— Task statement —
Set each line of the material below down word for word, from the first through the line that holds "doc.styles.add('GENERATED_STYLE_1', font='arial.ttf')", but not the pictures.

--

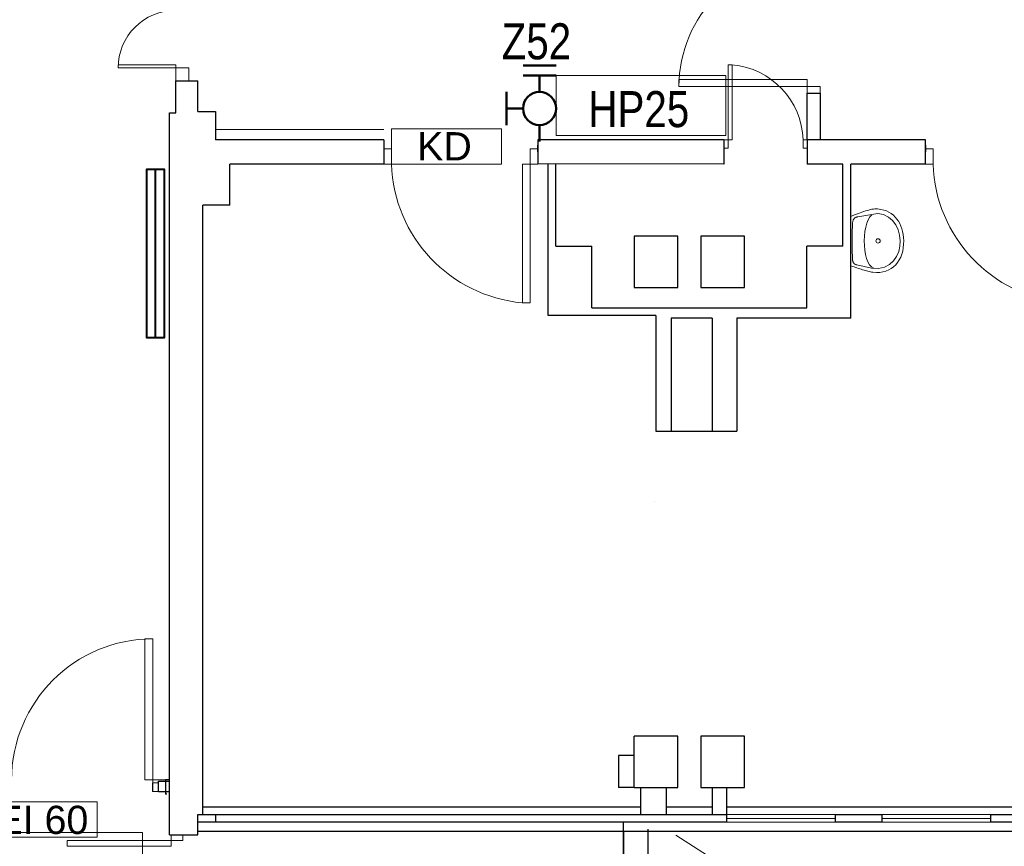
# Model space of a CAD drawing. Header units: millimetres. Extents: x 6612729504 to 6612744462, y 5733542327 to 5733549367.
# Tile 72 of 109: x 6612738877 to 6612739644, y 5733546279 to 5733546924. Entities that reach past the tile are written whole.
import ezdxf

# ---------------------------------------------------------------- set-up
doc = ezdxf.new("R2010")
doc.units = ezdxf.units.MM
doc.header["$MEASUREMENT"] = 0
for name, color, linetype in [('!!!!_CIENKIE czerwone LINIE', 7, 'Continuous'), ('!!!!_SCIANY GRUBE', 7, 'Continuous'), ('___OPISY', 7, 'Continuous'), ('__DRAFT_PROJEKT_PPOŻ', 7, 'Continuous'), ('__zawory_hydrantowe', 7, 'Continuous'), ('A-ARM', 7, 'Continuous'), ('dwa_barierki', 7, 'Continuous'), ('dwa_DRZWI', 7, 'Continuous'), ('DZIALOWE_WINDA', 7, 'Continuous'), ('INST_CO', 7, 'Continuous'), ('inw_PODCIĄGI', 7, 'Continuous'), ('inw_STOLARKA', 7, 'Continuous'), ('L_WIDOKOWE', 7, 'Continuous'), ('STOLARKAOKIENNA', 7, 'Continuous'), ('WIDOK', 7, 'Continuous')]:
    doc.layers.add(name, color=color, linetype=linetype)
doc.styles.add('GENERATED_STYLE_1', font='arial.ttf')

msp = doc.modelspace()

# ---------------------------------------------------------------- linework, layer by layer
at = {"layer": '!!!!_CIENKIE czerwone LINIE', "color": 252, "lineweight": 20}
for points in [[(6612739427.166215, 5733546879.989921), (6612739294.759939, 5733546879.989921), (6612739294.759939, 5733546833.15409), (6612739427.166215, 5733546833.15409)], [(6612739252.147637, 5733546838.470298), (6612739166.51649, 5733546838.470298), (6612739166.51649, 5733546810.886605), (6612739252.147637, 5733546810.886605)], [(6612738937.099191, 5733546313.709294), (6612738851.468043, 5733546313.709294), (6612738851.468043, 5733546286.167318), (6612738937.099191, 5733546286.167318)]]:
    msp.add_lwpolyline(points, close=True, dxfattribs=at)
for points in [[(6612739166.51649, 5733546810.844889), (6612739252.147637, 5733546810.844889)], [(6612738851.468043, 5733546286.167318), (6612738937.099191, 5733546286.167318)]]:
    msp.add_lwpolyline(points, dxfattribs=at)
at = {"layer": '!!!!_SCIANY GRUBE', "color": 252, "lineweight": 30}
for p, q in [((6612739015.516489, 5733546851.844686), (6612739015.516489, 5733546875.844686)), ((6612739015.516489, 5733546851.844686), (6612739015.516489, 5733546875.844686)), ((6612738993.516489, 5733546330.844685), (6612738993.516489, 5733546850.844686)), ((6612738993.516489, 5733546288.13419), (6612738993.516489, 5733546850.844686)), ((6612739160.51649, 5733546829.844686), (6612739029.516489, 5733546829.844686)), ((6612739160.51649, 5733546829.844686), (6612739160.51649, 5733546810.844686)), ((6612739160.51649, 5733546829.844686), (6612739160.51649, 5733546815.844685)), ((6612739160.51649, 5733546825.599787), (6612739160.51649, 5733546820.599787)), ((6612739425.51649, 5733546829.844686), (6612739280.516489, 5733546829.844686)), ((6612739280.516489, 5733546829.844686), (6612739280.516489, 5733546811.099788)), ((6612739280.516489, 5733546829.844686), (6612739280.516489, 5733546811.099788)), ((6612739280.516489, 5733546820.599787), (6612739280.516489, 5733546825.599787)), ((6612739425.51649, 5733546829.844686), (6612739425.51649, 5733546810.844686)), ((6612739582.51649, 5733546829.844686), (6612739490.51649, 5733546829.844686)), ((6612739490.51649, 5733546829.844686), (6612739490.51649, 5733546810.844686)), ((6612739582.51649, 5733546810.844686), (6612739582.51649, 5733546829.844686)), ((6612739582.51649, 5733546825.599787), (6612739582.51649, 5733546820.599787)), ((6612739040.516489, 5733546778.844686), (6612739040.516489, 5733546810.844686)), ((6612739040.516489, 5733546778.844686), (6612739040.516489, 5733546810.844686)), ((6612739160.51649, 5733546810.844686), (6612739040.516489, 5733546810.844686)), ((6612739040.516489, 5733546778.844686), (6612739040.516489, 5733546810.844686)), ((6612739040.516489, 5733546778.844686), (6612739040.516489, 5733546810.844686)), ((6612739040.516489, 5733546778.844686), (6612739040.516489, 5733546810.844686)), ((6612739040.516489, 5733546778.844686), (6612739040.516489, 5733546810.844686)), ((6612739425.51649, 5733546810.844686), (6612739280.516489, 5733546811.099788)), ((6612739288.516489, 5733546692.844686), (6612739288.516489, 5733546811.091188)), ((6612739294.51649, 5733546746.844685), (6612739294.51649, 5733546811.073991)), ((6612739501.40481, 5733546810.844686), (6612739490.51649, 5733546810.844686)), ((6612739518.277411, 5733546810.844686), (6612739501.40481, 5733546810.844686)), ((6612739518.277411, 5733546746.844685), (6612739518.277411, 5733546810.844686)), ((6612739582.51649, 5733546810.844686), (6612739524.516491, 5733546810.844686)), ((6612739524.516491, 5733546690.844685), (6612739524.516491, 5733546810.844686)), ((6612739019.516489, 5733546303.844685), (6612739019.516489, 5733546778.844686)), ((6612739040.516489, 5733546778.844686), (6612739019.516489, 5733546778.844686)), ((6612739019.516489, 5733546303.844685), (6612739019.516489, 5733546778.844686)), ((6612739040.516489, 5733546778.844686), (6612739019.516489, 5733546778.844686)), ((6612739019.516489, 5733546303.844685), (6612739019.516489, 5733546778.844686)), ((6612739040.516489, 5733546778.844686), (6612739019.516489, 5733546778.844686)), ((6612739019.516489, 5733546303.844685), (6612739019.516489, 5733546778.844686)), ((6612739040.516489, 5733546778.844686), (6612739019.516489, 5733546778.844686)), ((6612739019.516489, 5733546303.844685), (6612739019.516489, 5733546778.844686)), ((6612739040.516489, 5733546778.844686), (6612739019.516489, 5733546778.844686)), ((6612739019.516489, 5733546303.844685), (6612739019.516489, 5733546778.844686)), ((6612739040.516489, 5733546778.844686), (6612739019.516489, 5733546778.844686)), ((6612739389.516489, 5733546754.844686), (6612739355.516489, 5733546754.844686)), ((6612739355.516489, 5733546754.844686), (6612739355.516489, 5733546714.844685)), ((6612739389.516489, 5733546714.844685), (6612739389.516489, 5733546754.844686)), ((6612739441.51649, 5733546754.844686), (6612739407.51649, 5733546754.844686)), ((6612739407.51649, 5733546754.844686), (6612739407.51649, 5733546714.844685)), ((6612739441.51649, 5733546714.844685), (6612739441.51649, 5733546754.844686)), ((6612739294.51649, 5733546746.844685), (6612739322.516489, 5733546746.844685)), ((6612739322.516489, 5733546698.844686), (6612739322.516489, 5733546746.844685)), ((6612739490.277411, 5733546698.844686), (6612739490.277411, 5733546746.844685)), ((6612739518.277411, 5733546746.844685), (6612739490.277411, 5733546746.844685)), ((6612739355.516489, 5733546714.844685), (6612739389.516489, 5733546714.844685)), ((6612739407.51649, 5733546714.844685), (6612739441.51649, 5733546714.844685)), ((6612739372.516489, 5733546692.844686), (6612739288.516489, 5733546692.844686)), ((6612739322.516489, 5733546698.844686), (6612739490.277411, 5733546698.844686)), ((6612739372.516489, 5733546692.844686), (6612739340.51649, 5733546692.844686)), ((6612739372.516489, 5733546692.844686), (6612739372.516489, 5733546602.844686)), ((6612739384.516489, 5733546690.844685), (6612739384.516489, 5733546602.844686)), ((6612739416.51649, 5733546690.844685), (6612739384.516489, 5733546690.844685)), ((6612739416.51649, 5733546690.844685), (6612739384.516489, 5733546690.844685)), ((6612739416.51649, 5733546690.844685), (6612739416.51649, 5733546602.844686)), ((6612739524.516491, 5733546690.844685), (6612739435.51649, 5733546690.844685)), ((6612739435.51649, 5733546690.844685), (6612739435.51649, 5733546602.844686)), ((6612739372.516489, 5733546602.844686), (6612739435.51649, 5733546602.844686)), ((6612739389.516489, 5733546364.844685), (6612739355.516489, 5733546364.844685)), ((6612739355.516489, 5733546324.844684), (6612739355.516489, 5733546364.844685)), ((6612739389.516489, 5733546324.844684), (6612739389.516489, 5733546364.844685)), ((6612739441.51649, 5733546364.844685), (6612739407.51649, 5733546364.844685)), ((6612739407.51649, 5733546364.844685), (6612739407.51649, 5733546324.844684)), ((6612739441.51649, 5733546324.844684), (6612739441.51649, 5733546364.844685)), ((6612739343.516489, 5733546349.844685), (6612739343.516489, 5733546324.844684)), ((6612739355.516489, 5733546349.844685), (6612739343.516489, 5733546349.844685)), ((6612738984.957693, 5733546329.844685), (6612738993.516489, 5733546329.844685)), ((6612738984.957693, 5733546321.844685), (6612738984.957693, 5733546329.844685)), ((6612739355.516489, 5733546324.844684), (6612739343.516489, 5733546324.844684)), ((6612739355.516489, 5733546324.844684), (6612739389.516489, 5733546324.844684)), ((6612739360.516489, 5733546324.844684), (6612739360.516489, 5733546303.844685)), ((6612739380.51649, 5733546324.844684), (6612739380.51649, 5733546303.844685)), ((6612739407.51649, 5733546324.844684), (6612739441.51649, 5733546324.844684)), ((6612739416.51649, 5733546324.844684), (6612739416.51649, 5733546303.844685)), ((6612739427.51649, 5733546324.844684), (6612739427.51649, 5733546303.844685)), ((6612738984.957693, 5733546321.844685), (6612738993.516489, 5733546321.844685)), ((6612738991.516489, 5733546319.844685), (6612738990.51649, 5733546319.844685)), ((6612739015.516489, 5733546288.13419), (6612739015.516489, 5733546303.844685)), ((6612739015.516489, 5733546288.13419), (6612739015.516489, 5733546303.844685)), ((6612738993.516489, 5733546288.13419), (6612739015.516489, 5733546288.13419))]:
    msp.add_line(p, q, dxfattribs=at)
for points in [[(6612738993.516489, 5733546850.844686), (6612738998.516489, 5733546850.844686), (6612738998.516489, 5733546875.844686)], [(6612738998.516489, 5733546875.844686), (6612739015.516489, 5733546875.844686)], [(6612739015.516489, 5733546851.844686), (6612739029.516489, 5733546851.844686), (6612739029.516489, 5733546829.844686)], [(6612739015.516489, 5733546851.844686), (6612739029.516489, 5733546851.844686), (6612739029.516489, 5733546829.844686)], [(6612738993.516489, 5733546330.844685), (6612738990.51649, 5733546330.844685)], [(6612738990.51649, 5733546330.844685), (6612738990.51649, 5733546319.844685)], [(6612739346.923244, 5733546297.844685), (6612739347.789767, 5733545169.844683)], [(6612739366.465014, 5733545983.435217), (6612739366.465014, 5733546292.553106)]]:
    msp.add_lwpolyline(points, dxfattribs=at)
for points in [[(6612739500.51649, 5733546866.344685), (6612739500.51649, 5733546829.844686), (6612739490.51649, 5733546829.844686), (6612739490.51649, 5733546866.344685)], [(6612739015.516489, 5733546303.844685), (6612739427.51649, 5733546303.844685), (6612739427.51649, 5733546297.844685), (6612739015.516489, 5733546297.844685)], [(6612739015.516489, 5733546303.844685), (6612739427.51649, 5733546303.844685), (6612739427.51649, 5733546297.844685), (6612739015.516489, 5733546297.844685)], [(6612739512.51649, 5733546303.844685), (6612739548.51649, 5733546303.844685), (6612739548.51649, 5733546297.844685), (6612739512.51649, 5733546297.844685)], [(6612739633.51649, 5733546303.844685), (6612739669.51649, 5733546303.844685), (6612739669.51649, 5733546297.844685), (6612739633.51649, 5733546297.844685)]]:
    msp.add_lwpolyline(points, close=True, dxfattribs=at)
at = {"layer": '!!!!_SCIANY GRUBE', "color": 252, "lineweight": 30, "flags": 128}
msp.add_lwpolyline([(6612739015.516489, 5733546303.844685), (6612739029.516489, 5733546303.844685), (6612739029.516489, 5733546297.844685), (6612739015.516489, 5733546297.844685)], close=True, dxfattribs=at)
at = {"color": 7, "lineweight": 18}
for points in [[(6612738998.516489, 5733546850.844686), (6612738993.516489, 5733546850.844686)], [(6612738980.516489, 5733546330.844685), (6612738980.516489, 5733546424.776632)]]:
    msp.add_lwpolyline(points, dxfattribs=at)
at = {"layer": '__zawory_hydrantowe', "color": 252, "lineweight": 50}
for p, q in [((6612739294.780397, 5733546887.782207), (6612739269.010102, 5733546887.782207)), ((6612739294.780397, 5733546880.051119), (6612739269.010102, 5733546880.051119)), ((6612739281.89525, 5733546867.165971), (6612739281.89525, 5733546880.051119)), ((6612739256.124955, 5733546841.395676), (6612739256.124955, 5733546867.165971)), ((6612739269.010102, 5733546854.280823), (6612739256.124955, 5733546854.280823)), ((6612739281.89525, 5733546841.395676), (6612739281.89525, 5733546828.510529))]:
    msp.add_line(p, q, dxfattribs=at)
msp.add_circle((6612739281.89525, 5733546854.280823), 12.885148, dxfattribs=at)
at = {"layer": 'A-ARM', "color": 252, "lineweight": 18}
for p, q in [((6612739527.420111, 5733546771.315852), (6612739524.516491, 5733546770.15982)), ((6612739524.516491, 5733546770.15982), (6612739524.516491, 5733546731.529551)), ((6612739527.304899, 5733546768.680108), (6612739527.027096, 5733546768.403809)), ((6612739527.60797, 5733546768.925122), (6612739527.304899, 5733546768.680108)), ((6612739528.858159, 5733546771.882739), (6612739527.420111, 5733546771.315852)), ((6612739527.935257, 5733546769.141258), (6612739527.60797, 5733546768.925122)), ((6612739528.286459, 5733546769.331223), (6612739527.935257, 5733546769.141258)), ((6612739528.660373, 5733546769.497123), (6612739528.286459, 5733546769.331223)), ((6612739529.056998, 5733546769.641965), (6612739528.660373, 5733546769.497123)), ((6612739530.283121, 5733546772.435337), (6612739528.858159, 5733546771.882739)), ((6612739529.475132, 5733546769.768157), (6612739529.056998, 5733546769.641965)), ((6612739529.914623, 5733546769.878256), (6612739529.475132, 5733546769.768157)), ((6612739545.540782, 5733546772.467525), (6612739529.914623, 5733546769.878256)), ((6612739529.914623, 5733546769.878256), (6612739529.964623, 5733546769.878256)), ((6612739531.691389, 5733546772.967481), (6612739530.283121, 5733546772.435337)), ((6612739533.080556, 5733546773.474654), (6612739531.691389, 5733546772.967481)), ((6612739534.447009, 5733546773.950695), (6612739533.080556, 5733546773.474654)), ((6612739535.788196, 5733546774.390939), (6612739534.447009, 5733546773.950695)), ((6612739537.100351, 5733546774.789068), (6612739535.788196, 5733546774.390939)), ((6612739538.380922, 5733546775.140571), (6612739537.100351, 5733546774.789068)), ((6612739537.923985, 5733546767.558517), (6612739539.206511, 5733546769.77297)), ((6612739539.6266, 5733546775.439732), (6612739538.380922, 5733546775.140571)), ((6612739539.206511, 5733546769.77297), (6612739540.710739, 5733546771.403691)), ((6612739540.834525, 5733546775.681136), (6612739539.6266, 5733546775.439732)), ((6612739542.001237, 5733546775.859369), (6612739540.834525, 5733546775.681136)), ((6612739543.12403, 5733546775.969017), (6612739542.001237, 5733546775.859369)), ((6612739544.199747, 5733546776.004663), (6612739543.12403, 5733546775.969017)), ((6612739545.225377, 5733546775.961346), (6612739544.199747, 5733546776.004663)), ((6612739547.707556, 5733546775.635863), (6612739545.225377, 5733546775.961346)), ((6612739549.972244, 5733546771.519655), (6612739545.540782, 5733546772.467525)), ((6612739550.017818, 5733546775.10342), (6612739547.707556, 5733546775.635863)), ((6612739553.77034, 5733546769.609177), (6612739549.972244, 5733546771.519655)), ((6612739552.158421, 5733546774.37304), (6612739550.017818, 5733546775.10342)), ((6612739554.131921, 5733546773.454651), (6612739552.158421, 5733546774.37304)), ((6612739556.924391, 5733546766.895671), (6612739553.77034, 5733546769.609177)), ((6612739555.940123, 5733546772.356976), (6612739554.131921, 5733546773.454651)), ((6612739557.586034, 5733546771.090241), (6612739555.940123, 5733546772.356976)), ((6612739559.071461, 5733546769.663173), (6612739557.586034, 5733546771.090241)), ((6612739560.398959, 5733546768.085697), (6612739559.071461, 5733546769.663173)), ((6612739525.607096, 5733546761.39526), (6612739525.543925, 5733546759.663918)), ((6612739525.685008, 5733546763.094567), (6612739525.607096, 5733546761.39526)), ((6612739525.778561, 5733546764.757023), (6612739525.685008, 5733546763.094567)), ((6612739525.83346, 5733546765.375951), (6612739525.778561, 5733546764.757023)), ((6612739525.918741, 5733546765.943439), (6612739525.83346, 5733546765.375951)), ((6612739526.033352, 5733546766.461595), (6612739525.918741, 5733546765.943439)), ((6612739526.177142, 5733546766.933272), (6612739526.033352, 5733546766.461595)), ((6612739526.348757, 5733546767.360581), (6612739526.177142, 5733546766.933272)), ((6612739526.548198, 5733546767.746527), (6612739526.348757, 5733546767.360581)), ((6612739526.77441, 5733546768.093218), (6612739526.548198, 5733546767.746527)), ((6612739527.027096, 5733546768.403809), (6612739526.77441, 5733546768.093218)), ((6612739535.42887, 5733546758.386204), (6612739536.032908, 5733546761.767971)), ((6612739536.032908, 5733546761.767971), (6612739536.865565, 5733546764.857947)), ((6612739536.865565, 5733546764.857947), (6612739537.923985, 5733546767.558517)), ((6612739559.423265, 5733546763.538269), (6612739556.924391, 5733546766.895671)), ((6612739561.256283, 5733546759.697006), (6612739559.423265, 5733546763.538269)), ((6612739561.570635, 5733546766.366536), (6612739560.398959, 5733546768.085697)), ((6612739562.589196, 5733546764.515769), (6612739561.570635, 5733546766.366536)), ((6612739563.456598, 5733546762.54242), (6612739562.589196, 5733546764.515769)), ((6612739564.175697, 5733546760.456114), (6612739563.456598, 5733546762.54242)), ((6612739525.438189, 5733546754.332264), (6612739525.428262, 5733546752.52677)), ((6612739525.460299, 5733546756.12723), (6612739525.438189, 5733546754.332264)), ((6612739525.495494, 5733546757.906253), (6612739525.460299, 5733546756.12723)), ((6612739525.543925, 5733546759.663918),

--

— Output of the task —
# Model space of a CAD drawing. Header units: millimetres. Extents: x 6612729504 to 6612744462, y 5733542327 to 5733549367.
# Tile 72 of 109: x 6612738877 to 6612739644, y 5733546279 to 5733546924. Entities that reach past the tile are written whole.
import ezdxf

# ---------------------------------------------------------------- set-up
doc = ezdxf.new("R2010")
doc.units = ezdxf.units.MM
doc.header["$MEASUREMENT"] = 0
for name, color, linetype in [('!!!!_CIENKIE czerwone LINIE', 7, 'Continuous'), ('!!!!_SCIANY GRUBE', 7, 'Continuous'), ('___OPISY', 7, 'Continuous'), ('__DRAFT_PROJEKT_PPOŻ', 7, 'Continuous'), ('__zawory_hydrantowe', 7, 'Continuous'), ('A-ARM', 7, 'Continuous'), ('dwa_barierki', 7, 'Continuous'), ('dwa_DRZWI', 7, 'Continuous'), ('DZIALOWE_WINDA', 7, 'Continuous'), ('INST_CO', 7, 'Continuous'), ('inw_PODCIĄGI', 7, 'Continuous'), ('inw_STOLARKA', 7, 'Continuous'), ('L_WIDOKOWE', 7, 'Continuous'), ('STOLARKAOKIENNA', 7, 'Continuous'), ('WIDOK', 7, 'Continuous')]:
    doc.layers.add(name, color=color, linetype=linetype)
doc.styles.add('GENERATED_STYLE_1', font='arial.ttf')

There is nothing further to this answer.